Alors que la menace de Boko Haram ne cesse de s’étendre en Afrique de l’ouest, les armées africaines engagées sur le terrain se révèlent inefficaces dans la lutte contre la secte islamiste
Avec le malheureux bombardement aérien, mardi 17 février, du village d’Abalam, à l’extrême-est du Niger, qui a fait 36 morts et une vingtaine de blessés, un éclairage cru est porté sur la désorganisation et le manque criant de collaboration des armées engagées dans la lutte contre Boko Haram autour du lac Tchad : Nigeria, Tchad, Niger et Cameroun.
Bavures
D’après les premiers témoignages visuels, les deux avions arborant la cocarde du Nigeria auraient bombardé simultanément les deux côtés de la frontière, au Nigeria et au Niger, vers 16h. On ignore quelle est la cible touchée au Nigeria mais pour ce qui est du Niger, il s’agit de villageois réunis pour la cérémonie du 3e jour après le décès de l’un des leurs. Dans cette région kanourie de l’Est, à une quinzaine de kilomètres de la ville de Bosso, cette cérémonie est traditionnellement une occasion de réjouissances.

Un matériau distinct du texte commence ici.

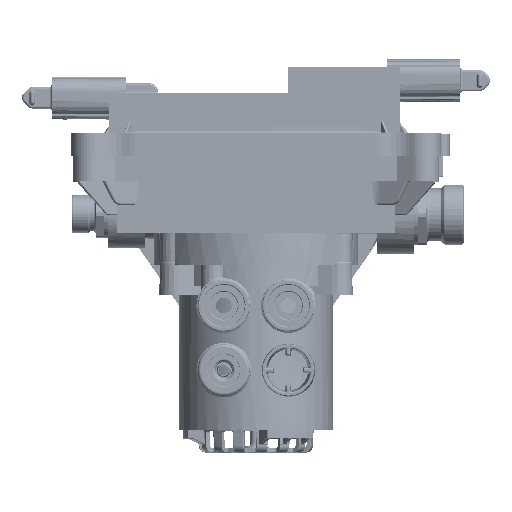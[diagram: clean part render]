
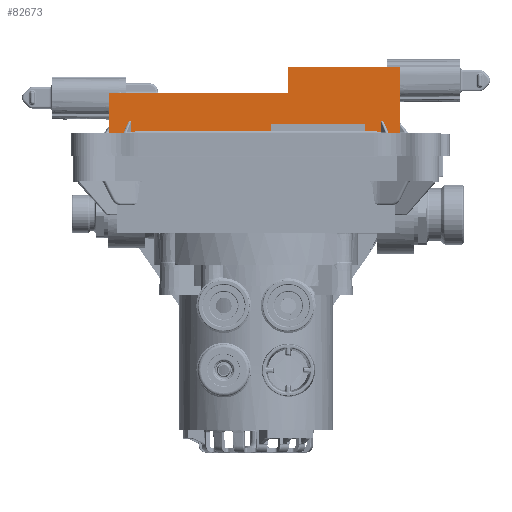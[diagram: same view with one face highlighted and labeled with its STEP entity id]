
A CAD part, top view. The second image highlights one B-rep face of the part: STEP entity #82673.
In plain terms, the highlighted planar face has unit normal (0, 0, 1) as drawn and (-1, 0, 0) by its records, which use the part's own axes.
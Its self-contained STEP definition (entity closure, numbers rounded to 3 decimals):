
#75631=DIRECTION('',(0.,0.,-1.));
#75632=VECTOR('',#75631,30.6);
#75633=CARTESIAN_POINT('',(-65.804,-66.728,33.1));
#75634=LINE('',#75633,#75632);
#75635=DIRECTION('',(0.,1.,0.));
#75636=VECTOR('',#75635,135.058);
#75637=CARTESIAN_POINT('',(-65.804,-66.728,2.5));
#75638=LINE('',#75637,#75636);
#75659=DIRECTION('',(0.,1.,0.));
#75660=VECTOR('',#75659,83.418);
#75661=CARTESIAN_POINT('',(-65.804,-15.088,21.1));
#75662=LINE('',#75661,#75660);
#76356=DIRECTION('',(0.,0.,-1.));
#76357=VECTOR('',#76356,18.6);
#76358=CARTESIAN_POINT('',(-65.804,68.33,21.1));
#76359=LINE('',#76358,#76357);
#77200=DIRECTION('',(0.,1.,0.));
#77201=VECTOR('',#77200,51.64);
#77202=CARTESIAN_POINT('',(-65.804,-66.728,33.1));
#77203=LINE('',#77202,#77201);
#78674=DIRECTION('',(0.,0.,-1.));
#78675=VECTOR('',#78674,12.);
#78676=CARTESIAN_POINT('',(-65.804,-15.088,33.1));
#78677=LINE('',#78676,#78675);
#80180=CARTESIAN_POINT('',(-65.804,-66.728,2.5));
#80181=VERTEX_POINT('',#80180);
#80182=CARTESIAN_POINT('',(-65.804,-66.728,33.1));
#80183=VERTEX_POINT('',#80182);
#80608=CARTESIAN_POINT('',(-65.804,-15.088,33.1));
#80609=VERTEX_POINT('',#80608);
#80664=CARTESIAN_POINT('',(-65.804,-15.088,21.1));
#80665=CARTESIAN_POINT('',(-65.804,68.33,21.1));
#80666=VERTEX_POINT('',#80664);
#80667=VERTEX_POINT('',#80665);
#80668=CARTESIAN_POINT('',(-65.804,68.33,2.5));
#80669=VERTEX_POINT('',#80668);
#82655=CARTESIAN_POINT('',(-65.804,68.33,2.5));
#82656=DIRECTION('',(-1.,0.,0.));
#82657=DIRECTION('',(0.,-1.,0.));
#82658=AXIS2_PLACEMENT_3D('',#82655,#82656,#82657);
#82659=PLANE('',#82658);
#82661=ORIENTED_EDGE('',*,*,#82660,.F.);
#82663=ORIENTED_EDGE('',*,*,#82662,.F.);
#82665=ORIENTED_EDGE('',*,*,#82664,.F.);
#82667=ORIENTED_EDGE('',*,*,#82666,.T.);
#82668=ORIENTED_EDGE('',*,*,#82477,.T.);
#82670=ORIENTED_EDGE('',*,*,#82669,.F.);
#82671=EDGE_LOOP('',(#82661,#82663,#82665,#82667,#82668,#82670));
#82672=FACE_OUTER_BOUND('',#82671,.F.);
#82477=EDGE_CURVE('',#80181,#80669,#75638,.T.);
#82660=EDGE_CURVE('',#80666,#80667,#75662,.T.);
#82662=EDGE_CURVE('',#80609,#80666,#78677,.T.);
#82664=EDGE_CURVE('',#80183,#80609,#77203,.T.);
#82666=EDGE_CURVE('',#80183,#80181,#75634,.T.);
#82669=EDGE_CURVE('',#80667,#80669,#76359,.T.);
#82673=ADVANCED_FACE('',(#82672),#82659,.T.);
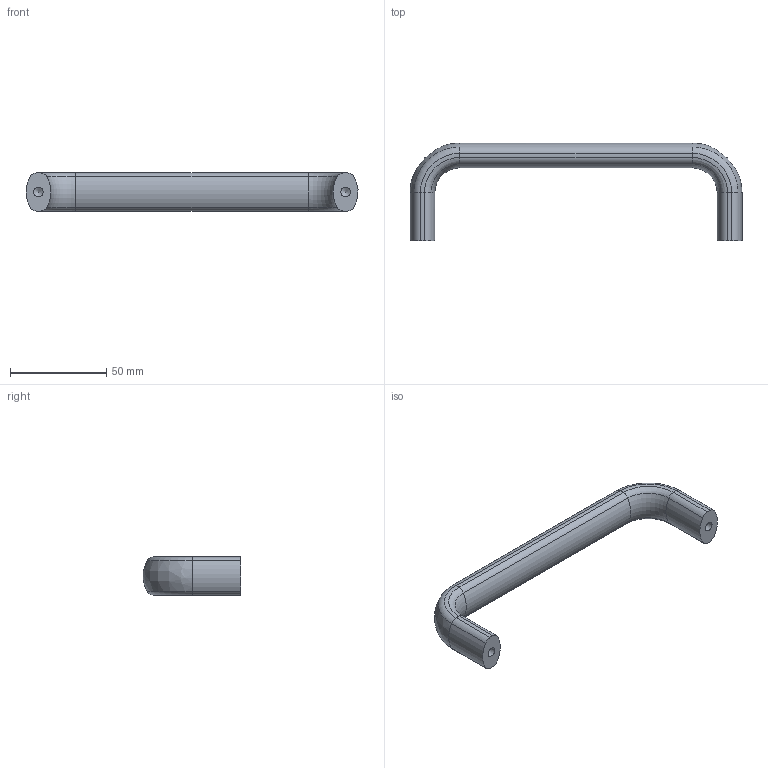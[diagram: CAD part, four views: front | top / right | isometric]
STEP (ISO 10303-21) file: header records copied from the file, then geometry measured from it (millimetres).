
FILE_DESCRIPTION( ( 'STEP AP203' ), '1' );
FILE_NAME( 'C:/Temp/Ganter_Step_05_03_2020/data/1_2/gn_565/Cabinet ''''U'''' handle GN 565-20-160-SR.stp', '2020-03-05T10:08:47', ( 'License CC BY-ND 4.0' ), ( 'CADENAS' ), ' ', 'PARTsolutions', ' ' );
FILE_SCHEMA( ( 'CONFIG_CONTROL_DESIGN' ) );
Length unit declared in the file: millimetre
Products named in the file (1): _Cabinet ''U'' handle GN 565-20-160-SR
Bounding box: 172.91 x 50.97 x 19.99 mm (x, y, z)
Volume: 48261.1 mm3; surface area: 13175.8 mm2
Topology: 1 solids, 1 shells, 53 faces, 128 edges, 77 vertices
Faces by surface type: cylinder 26, torus 14, plane 9, bspline 2, cone 2
Full cylindrical faces by diameter (mm): 4.917 x2
Entity records: 1640 total; most frequent: CARTESIAN_POINT 337, DIRECTION 304, ORIENTED_EDGE 244, AXIS2_PLACEMENT_3D 140, EDGE_CURVE 122, CIRCLE 88, VERTEX_POINT 77, EDGE_LOOP 57

Alors que le bloc chirurgical de l’hôpital régional de Diffa n’a pas désempli pendant deux jours, pour tenter de porter secours aux 22 blessés, en majorité des femmes et des enfants, de 10 mois à 14 ans, les trois armées engagées dans la zone ont nié en bloc toute responsabilité dans cette grosse bavure.
Car, outre l’armée nigériane – nous y reviendrons – les chasses nigérienne et tchadienne sont mobilisées depuis début février. La modeste armée de l’air nigérienne a été mise à contribution le 06 février, aux premières heures de l’attaque de la région de l’Est par Boko Haram, pour bombarder les assaillants au-delà du pont de Diffa.
Tout récemment, le 14 février, un regroupement de Boko Haram a été repéré, selon les sources officielles nigériennes, à Gachagar et Damassak. Des bombardements ont eu lieu sur ces regroupements, à quelques kms au sud de la frontière, les deux jours suivants. Bombardements rapides car les Nigériens, à bord de Sukhoï venus de Zinder ou d’Agadez, craignent que la secte islamiste ne soit équipée de moyens anti-aériens.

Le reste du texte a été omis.